Montagsdemo Zwickau

Aktionsbündnis gegen Agenda 2010 und Sozialkahlschlag (ABAS)

Artikel der Kategorie ‘KurzNews’

Hartz IV: Verschärfte Repressalien

09. April 2014 Von: Klaus Wallmann sen. Kategorie: KurzNews Kommentare deaktiviert für Hartz IV: Verschärfte Repressalien

Laut “Bild”, die sich dabei auf ein Papier der Bundesagentur für Arbeit (BA) beruft, will die Behörde die Repressalien gegen Hartz-IV-Bezieher weiter verschärfen. Bei Terminversäumnissen soll das ALG II künftig komplett gestrichen werden. Eine vorhergehende Anhörung der Betroffenen soll es nicht mehr geben. Als Grund für die Ausweitung der Schikanen wird die Entlastung von Bürokratie angegeben. ALG II und Sozialgeld sollen erst wieder gezahlt werden, wenn sich die so Sanktionierten wieder melden und erneut Leistungen beantragen. Das dies den bürokratischen Aufwand eher steigert, dürfte auf der Hand liegen, und den angegebenen Grund als Vorwand entlarven.

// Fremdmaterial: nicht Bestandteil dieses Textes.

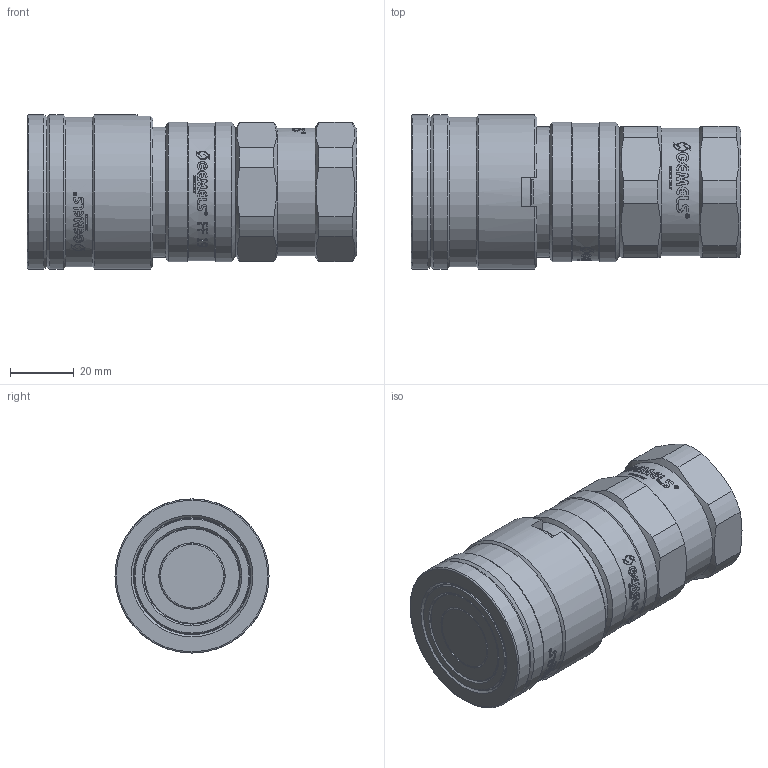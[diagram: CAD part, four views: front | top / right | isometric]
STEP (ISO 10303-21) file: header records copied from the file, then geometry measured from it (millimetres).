
FILE_DESCRIPTION(/* description */ (''),/* implementation_level */ '2;1');
FILE_NAME(/* name */ 'NC06G050000.stp',/* time_stamp */ '2026-03-18T10:01:25+01:00',/* author */ ('isabel.merisio'),/* organization */ (''),/* preprocessor_version */ 'ST-DEVELOPER v20',/* originating_system */ 'Autodesk Inventor 2024',/* authorisation */ '');
FILE_SCHEMA (('AUTOMOTIVE_DESIGN { 1 0 10303 214 3 1 1 }'));
Products named in the file (1): Parte8
Bounding box: 103 x 48.2 x 48.2 mm (x, y, z)
Volume: 142387.6 mm3; surface area: 21740.8 mm2
Topology: 1 solids, 1 shells, 1738 faces, 4897 edges, 3262 vertices
Faces by surface type: bspline 1166, plane 429, cylinder 122, cone 18, torus 3
Full cylindrical faces by diameter (mm): 20.55 x1, 20.75 x1, 30 x1, 30.1 x1, 30.291 x1, 31 x1, 36.3 x1, 36.7 x1, 38.45 x1, 40 x1, 40.9 x1, 43 x1, 43.6 x1, 43.7 x1, 46.7 x1, 48.2 x3
Entity records: 74857 total; most frequent: CARTESIAN_POINT 36241, ORIENTED_EDGE 9794, EDGE_CURVE 4897, DIRECTION 3931, VERTEX_POINT 3261, B_SPLINE_CURVE_WITH_KNOTS 2550, LINE 1849, VECTOR 1849

DGB: Neuberechnung der Hartz-IV-Sätze

08. April 2014 Von: Klaus Wallmann sen. Kategorie: KurzNews Kommentare deaktiviert für DGB: Neuberechnung der Hartz-IV-Sätze

Der Deutsche Gewerkschaftsbund (DGB) hat die Neuberechnung der Hartz-IV-Sätze für Langzeitarbeitslose gefordert. Die Regelsätze seien zu niedrig und “nicht verfassungskonform”. Dem Bundesverfassungsgericht liege dazu ein Musterverfahren vor. Anlaß des Vorstoßes ist eine Studie der gewerkschaftsnahen Hans-Böckler-Stiftung. Darin heißt es, daß der Regelsatz für Alleinstehende bei korrekter Berechnung 424 Euro im Monat betragen müßte – deutlich mehr als der aktuelle Satz von 391 Euro.

DGB: Mieten sind Armutsfalle

15. März 2014 Von: Gastautor Kategorie: KurzNews Kommentare deaktiviert für DGB: Mieten sind Armutsfalle

Viele schlecht bezahlte Arbeiter in Deutschland können die besonders in Ballungszentren steigenden Mieten nicht mehr bezahlen und sind deshalb zusätzlich auf Hartz IV angewiesen, um ihr Existenzminimum zu sichern. Allein die sozialversicherungspflichtigen Niedriglöhner, deren Einkünfte aufgestockt werden müssen, müssen nach einem Bericht der “Saarbrücker Zeitung” vom Staat im Jahr 2012 mit rund 3,9 Milliarden Euro unterstützt werden. “Lohnkosten”, die sich die Kapitalisten sparen.

Hartz IV: In West-Großstädten am höchsten

08. März 2014 Von: Gastautor Kategorie: KurzNews Kommentare deaktiviert für Hartz IV: In West-Großstädten am höchsten

Die Kombination jung, westdeutsch, großstädtisch birgt ein überdurchschnittliches Risiko, zum Hartz-IV-Fall zu werden. Dies berichtet die “Rheinische Post”. Danach sind in den strukturschwachen Großstädten des Westens Jugendliche meist doppelt so stark von Hartz IV betroffen wie im Bundesdurchschnitt. Der Auswertung zufolge sind Menschen in Großstädten grundsätzlich häufiger und länger auf Hartz-IV-Leistungen angewiesen als die Bürger auf dem Land. Zu den Städten mit besonders hohem Hartz-IV-Anteil bei Jugendlichen zählen neben Berlin westdeutsche Städte wie Bremerhaven, Gelsenkirchen, Duisburg, Mönchengladbach und Wuppertal.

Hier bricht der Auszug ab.